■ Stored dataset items

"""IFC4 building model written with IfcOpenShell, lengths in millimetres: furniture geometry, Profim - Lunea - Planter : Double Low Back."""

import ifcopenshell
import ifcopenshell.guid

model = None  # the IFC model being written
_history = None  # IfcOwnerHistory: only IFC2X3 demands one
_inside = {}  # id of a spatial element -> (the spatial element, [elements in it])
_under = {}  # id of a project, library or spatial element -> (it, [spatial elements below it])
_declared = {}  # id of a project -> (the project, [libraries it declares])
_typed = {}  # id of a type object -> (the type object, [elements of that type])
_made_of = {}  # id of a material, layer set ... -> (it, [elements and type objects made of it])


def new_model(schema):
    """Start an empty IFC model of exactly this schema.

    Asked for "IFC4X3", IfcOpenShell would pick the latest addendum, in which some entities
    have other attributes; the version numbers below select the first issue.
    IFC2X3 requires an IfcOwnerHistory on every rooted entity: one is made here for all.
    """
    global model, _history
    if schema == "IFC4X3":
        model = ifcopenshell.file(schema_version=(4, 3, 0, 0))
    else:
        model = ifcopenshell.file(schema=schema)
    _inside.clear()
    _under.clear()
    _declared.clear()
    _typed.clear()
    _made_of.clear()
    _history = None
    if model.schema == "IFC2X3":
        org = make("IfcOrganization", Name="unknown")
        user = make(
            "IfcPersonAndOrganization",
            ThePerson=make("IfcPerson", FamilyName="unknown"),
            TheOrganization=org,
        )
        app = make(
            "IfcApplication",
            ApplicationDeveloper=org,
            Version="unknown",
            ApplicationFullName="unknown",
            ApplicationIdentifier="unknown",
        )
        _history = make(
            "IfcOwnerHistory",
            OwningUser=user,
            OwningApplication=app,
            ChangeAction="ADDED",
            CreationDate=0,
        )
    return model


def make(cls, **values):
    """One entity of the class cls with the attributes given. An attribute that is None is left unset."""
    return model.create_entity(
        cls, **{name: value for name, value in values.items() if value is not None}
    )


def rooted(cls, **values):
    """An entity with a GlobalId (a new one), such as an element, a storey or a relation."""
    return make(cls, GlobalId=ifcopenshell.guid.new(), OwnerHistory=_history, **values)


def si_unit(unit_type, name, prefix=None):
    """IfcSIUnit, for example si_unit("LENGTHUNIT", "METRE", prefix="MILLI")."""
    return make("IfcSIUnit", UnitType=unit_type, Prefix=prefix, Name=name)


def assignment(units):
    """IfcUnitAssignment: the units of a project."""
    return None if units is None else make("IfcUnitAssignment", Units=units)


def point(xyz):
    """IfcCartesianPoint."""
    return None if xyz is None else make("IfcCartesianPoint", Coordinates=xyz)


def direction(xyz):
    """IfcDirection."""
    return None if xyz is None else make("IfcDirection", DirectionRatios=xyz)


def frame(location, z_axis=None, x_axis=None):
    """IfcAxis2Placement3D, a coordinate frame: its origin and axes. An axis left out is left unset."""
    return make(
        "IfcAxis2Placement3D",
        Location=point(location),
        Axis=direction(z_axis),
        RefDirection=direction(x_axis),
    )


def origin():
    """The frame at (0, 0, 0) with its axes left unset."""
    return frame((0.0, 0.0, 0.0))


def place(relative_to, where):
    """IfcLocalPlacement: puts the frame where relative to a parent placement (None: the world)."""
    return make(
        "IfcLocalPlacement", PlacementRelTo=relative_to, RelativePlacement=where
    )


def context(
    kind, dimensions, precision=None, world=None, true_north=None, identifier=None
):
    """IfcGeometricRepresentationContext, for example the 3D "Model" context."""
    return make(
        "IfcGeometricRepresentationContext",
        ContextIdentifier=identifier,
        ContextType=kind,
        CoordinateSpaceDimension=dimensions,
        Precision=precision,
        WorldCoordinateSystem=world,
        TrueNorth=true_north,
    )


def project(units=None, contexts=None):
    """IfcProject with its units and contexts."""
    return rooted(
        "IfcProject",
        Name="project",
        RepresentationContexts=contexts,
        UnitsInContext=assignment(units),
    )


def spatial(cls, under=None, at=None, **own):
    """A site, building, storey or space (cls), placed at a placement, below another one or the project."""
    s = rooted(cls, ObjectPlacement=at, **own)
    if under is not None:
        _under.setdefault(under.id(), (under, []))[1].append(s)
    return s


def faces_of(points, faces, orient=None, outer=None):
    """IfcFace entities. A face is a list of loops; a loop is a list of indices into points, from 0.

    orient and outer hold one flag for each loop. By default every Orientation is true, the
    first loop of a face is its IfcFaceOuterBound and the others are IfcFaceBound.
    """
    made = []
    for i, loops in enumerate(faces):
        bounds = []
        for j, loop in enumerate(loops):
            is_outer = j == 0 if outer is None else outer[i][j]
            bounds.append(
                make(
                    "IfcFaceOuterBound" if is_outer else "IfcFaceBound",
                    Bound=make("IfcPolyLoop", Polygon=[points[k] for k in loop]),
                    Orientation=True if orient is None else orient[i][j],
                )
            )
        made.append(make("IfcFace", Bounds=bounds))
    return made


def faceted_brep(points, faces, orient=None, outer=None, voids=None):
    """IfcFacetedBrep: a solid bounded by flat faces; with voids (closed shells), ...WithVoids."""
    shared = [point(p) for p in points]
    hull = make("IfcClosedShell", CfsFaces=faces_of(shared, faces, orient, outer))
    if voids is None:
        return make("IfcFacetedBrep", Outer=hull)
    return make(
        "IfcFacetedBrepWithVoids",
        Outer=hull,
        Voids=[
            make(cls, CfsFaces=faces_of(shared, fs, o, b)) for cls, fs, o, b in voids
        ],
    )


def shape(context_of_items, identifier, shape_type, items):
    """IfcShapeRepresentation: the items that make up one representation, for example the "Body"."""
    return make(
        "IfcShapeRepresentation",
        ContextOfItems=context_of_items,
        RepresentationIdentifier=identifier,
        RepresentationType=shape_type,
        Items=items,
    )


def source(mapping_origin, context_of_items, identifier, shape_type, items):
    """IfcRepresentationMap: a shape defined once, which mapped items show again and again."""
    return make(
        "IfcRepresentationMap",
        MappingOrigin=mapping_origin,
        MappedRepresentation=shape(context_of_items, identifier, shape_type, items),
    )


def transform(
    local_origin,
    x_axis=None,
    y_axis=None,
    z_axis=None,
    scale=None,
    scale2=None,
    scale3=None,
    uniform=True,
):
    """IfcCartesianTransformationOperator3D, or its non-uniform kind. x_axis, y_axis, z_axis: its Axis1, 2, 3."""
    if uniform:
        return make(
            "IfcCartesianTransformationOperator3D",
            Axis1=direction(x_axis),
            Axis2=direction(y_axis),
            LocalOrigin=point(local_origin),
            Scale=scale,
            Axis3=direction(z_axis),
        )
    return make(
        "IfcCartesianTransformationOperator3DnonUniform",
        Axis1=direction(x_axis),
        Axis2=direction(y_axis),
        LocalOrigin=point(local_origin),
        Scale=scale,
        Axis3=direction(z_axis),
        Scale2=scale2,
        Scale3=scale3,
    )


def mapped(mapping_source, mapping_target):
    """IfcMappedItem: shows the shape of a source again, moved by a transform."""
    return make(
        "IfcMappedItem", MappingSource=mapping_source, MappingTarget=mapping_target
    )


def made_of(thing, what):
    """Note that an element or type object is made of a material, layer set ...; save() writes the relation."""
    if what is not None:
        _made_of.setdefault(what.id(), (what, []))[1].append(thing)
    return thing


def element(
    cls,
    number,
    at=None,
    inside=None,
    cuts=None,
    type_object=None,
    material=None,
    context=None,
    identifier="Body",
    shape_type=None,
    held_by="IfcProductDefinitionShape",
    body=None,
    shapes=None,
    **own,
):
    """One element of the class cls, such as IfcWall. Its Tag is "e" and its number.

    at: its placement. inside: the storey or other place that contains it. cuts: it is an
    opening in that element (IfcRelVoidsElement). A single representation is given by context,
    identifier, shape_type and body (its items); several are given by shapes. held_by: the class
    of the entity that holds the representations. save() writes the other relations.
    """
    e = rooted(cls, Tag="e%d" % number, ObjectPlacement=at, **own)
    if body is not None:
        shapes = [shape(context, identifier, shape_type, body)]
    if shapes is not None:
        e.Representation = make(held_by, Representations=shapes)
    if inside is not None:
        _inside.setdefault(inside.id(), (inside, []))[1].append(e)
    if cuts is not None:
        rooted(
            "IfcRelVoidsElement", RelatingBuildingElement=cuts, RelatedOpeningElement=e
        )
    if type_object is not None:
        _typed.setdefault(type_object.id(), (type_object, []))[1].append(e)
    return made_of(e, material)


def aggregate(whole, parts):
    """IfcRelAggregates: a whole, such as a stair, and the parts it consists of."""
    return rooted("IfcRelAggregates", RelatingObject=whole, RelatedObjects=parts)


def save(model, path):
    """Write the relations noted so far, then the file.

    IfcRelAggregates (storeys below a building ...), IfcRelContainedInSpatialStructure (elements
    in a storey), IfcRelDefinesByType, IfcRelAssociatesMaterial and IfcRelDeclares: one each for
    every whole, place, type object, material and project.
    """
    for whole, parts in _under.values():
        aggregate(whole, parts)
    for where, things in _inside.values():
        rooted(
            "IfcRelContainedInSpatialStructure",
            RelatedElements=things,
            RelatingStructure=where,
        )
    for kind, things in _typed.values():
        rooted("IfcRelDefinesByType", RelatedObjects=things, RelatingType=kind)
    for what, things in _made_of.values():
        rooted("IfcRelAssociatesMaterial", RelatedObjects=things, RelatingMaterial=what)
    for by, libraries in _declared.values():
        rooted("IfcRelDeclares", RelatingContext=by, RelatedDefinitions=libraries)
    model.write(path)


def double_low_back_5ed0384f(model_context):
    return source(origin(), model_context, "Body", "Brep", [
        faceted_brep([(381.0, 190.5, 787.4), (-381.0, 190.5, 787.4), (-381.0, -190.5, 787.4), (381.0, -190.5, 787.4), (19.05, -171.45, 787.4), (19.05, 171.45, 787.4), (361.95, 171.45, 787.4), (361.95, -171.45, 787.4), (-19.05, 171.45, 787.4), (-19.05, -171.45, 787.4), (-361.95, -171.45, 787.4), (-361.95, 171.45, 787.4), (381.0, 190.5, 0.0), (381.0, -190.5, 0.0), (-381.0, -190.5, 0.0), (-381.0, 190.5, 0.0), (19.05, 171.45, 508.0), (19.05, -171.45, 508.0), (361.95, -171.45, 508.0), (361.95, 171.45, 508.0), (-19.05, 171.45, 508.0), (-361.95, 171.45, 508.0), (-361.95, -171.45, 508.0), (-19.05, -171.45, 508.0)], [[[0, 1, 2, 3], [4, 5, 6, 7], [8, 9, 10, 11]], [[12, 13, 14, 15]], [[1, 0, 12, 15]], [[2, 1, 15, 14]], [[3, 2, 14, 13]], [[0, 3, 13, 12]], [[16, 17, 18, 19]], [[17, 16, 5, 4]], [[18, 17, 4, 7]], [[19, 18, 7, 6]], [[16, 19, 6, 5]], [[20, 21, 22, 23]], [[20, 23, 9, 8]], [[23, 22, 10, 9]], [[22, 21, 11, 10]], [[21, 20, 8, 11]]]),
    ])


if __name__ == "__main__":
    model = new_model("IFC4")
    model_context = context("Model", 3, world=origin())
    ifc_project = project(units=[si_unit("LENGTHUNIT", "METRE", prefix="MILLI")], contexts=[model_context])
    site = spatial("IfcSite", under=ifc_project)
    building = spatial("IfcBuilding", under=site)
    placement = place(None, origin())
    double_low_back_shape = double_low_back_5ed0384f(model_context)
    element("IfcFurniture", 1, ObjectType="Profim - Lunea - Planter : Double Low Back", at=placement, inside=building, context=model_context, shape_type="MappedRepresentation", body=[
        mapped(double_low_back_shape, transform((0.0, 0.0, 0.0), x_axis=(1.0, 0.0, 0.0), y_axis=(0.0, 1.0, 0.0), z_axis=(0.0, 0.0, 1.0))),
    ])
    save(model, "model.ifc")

■ Task instructions
Make a copy of each line in the records above that has the word "IfcCartesianPoint".

■ Written response
    """IfcCartesianPoint."""
    return None if xyz is None else make("IfcCartesianPoint", Coordinates=xyz)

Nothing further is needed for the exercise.